Uffici ammazzati dallo smart working? Non proprio. Non dappertutto. Il mercato immobiliare di Milano e Roma risponde alla crisi Covid raddoppiando. Nelle due maggiori città non si assiste a un rallentamento degli investimenti sul real estate destinato a uffici. Nonostante i dati raccolti durante la pandemia da operatori specializzati nel settore parlino di scenari a medio termine in cui il lavoro da remoto in Italia crescerà dall’attuale livello stimato del 5% fino al 30-40% (il doppio della media europea del 17%). E di una riduzione degli spazi fisici in termini di metri quadrati con una forbice fra il 5-30%. Diversa la situazione per la provincia – meno studiata dagli analisti – che rischia di pagare dazio due volte: con i piccoli studi (avvocati, commercialisti, architetti etc) in crisi sui canoni di locazione e le prime grandi multinazionali che spostano le loro sedi nelle grandi città meglio interconnesse a livello fisico e digitale. Un esempio? Novartis a Milano. La multinazionale farmaceutica ha firmato proprio nel pieno della pandemia un contratto di locazione per trasferirsi nel nuovo distretto ED.G.E. – Edifici Garibaldi Executive -, destinato ad uso uffici, spostando da Origgio oltre 700 dipendenti. Una doppia scommessa immobiliare per gli svizzeri: a Garibaldi la sede amministrativa e sull’area Mind, nei terreni ex Expo, dove trasferirà invece ricerca e sviluppo.
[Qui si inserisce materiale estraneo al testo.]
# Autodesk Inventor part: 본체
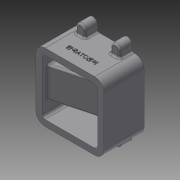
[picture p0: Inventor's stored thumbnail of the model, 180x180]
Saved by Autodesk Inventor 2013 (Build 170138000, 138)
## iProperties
Created: 2018-01
Part Number: 본체
Material: 일반
Document SubType Name: Modeling
Designer: Administrator
Density: 1 g/cm^3
Author: Administrator
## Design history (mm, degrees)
sketch "스케치1"
  geometry: L1 (55, -55)-(-55, -55); L2 (-55, -55)-(-55, 55); L3 (-55, 55)-(55, 55); L4 (55, 55)-(55, -55); 3 further points
  constraints: 8 end point, 2 midpoint, 2 parallel, 1 horizontal, 1 horizontal alignment, 1 perpendicular, 1 vertical alignment
  dimensions: "d0" = 110 distance of L1.start L1.end; "d2" = 110 distance of L3.end L1.start
extrude "돌출1" new body sketch "스케치1" distance "d3" = 65; taper "d4" = 0 deg
fillet "모깎기1" dims "d5" = 15
sketch "스케치3"
  geometry: L1 (40, 55)-(-40, 55) reference; L2 (-55, 40)-(-55, -40) reference; L3 (-40, -55)-(40, -55) reference; L4 (55, -40)-(55, 40) reference; L5 (-40, 45)-(40, 45); L6 (45, 40)-(45, -40); L7 (40, -45)-(-40, -45); L8 (-45, -40)-(-45, 40); A1 r 15 centre (40, 40) between (55, 40) and (40, 55) reference; A2 r 15 centre (-40, 40) between (-40, 55) and (-55, 40) reference; A3 r 15 centre (-40, -40) between (-55, -40) and (-40, -55) reference; A4 r 15 centre (40, -40) between (40, -55) and (55, -40) reference; A5 r 5 centre (40, 40) between (45, 40) and (40, 45); A6 r 5 centre (40, -40) between (40, -45) and (45, -40); A7 r 5 centre (-40, -40) between (-45, -40) and (-40, -45); A8 r 5 centre (-40, 40) between (-40, 45) and (-45, 40); 1 further point
  constraints: 8 end point, 8 point on circle, 4 centre point, 7 other
  dimensions: "d6" = 10 distance between parallel lines of L5 L1
extrude "돌출2" cut sketch "스케치3" stored distance "d7" = 65; taper "d8" = 0 deg
sketch "스케치10"
  geometry: L1 (-45, 65)-(35, 65); L2 (-45, 65)-(-45, 8.564); L3 (-45, 8.564)-(35, 30); L4 (35, 30)-(35, 65); L5 (-55, 0)-(-55, 65) reference; L6 (40, 0)-(-40, 0) reference; L7 (55, 65)-(55, 0) reference; 1 further point
  constraints: 8 end point, 1 horizontal, 1 parallel, 1 perpendicular
  dimensions: "d54" = 65 distance from line of L1 point (0, 0); "d55" = 10 distance between parallel lines of L2 L5; "d56" = 105 deg angle of L3 L5; "d57" = 30 distance from line of L3.end L6; "d58" = 20 distance between parallel lines of L4 L7
extrude "돌출4" join sketch "스케치10" stored distance "d59" = 50; taper "d60" = 0 deg
sketch "스케치11"
  geometry: L1 (-55, 40)-(-55, -40) reference; L2 (55, -40)-(55, 40) reference; L3 (-55, 7.5)-(-36, 7.5); L4 (-36, 7.5)-(-36, 16); L5 (-36, 16)-(-22, 16); L6 (-22, 16)-(-22, 20); L7 (-22, 20)-(25, 20); L8 (25, 20)-(25, 15); L9 (25, 15)-(30, 15); L10 (30, 15)-(30, 0); L11 (30, 0)-(-55, 0); L12 (-55, 7.5)-(-55, 0); 3 further points
  constraints: 20 end point, 6 parallel, 3 midpoint, 3 perpendicular, 2 collinear, 1 horizontal alignment
  dimensions: "d61" = 15 diameter of L3 L11; "d63" = 32 diameter of L5 L11; "d64" = 40 diameter of L7 L11; "d65" = 30 diameter of L9 L11; "d66" = 19 distance of L3.start L3.end; "d67" = 14 distance of L4.end L5.end; "d68" = 5 distance of L8.end L9.end; "d69" = 47 distance of L6.end L7.end
revolve "회전1" sketch "스케치11" stored, may be unused: angle "d70" = 90 deg
sketch "스케치15"
  geometry: L1 (20, -15)-(-17, -15); L2 (-17, -15)-(-17, 15); L3 (-22, 16)-(-22, 20) reference; L4 (-45, 25)-(-45, 40) reference; L5 (-17, 15)-(20, 15); L6 (20, 15)-(20, -15); 3 further points
  constraints: 8 end point, 2 horizontal alignment, 2 midpoint, 2 perpendicular
  dimensions: "d86" = 37 distance of L2.end L5.end; "d88" = 30 distance of L5.end L1.start; "d89" = 5 distance between parallel lines of L2 L3
extrude "돌출6" cut sketch "스케치15" distance "d84" = 30; taper "d85" = 0 deg
sketch "스케치13"
  geometry: L1 (-17, 45)-(-17, 39.243); L2 (-17, 39.243)-(-55, 29.061); L3 (-55, 11.061)-(20, 31.157); L4 (20, 31.157)-(20, 45); L5 (-55, 0)-(-55, 65) reference; L6 (35, 30)-(-45, 8.564) reference; L7 (-22, 65)-(-22, 45) reference; L8 (25, 65)-(25, 45) reference; L9 (-17, 45)-(20, 45); L10 (25, 45)-(-22, 45) reference; L11 (-55, 29.061)-(-55, 11.061); 1 further point
  constraints: 12 end point, 3 parallel, 2 perpendicular, 2 point on line, 1 collinear, 1 vertical
  dimensions: "d75" = 5 distance between parallel lines of L3 L6; "d76" = 37 distance between parallel lines of L4 L1; "d77" = 5 distance between parallel lines of L1 L7; "d127" = 18 distance of L3.start L2.end
extrude "돌출5" cut sketch "스케치13" stored distance "d79" = 30; taper "d80" = 0 deg
sketch "스케치17"
  geometry: L1 (40, 55)-(-40, 55) reference; L2 (-55, 40)-(-55, 7.5) reference; L3 (-45, 25)-(-45, 40) reference; L4 (-35.5, 55)-(-35.5, 65); L5 (-20.5, 65)-(-20.5, 55); L6 (-35.5, 55)-(-20.5, 55); L7 (20.5, 55)-(20.5, 65); L8 (35.5, 65)-(35.5, 55); L9 (20.5, 55)-(35.5, 55); A1 r 7.5 centre (-28, 65) between (-20.5, 65) and (-35.5, 65); A2 r 7.5 centre (28, 65) between (35.5, 65) and (20.5, 65); 1 further point
  constraints: 12 end point, 4 point on circle, 4 point on line, 4 tangent, 2 centre point, 2 collinear, 2 parallel, 2 perpendicular
  dimensions: "d90" = 27 distance from line of A1.centre L2; "d91" = 7.5 radius of A1; "d92" = 10 distance from line of A1.centre L1; "d93" = 7.5 radius of A2; "d94" = 10 distance from line of L1 A2.centre; "d95" = 56 distance of A2.centre A1.centre
extrude "돌출7" join sketch "스케치17" distance "d96" = 20; taper "d97" = 0 deg
sketch "스케치18"
  geometry: A1 r 7.5 centre (28, 65) between (35.5, 65) and (20.5, 65) reference; A2 r 7.5 centre (-28, 65) between (-20.5, 65) and (-35.5, 65) reference; 3 further points
  constraints: 2 coincident
hole "구멍1" sketch "스케치18" at (-28, 65), (28, 65) diameter "d98" = 3.242; stored, may be unused: countersink angle "d102" = 90 deg, drill point angle "d104" = 118 deg; dims "d99" = 9, "d100" = 4, "d101" = 2, "d103" = 11
fillet "모깎기2" dims "d105" = 3
fillet "모깎기3" dims "d106" = 3
fillet "모깎기4" dims "d107" = 3
fillet "모깎기7" dims "d110" = 1
chamfer "모따기1" distance "d111" = 1; stored, may be unused: second distance "d112" = 2, angle "d113" = 45 deg
fillet "모깎기8" dims "d114" = 3
fillet "모깎기9" dims "d115" = 3
fillet "모깎기12" dims "d118" = 3
fillet "모깎기13" dims "d119" = 3
fillet "모깎기14" dims "d120" = 3
fillet "모깎기15" dims "d121" = 3
fillet "모깎기16" dims "d122" = 3
sketch "스케치19"
  geometry: L1 (80, 0)-(0, 0) reference; L2 (-15, 65)-(-15, 0) reference; 2 further points
  constraints: 1 other
  dimensions: "d123" = 20 distance from line of point (40, 20) L1; "d124" = 55 distance from line of point (40, 20) L2
feature "엠보싱1" sketch "스케치19" dims "d0" = 110, "d2" = 110, "d125" = 0.5, "d126" = 0
node "솔리드1"
mirror "대칭1"

“Le sedi centrali non potranno scomparire” dice al fattoquotidiano.it Massimo Roj, architetto e amministratore delegato di Progetto CMR, tra i massimi esperti del settore progettazione uffici a Milano come all’estero (Cina in particolare). Il motivo? “Sono dei simboli prima ancora che degli edifici, sono l’elemento di catalizzazione e inclusione. Mentre sul territorio ci sarà bisogno della connessione visto che l’home working ha mostrato, per ora, tutti i suoi limiti”. Edo perché “non si sta cogliendo un rallentamento degli investimenti, in particolare per quanto riguarda gli investitori internazionali”. Nessuna cancellazione, al massimo una “dilatazione dei tempi”.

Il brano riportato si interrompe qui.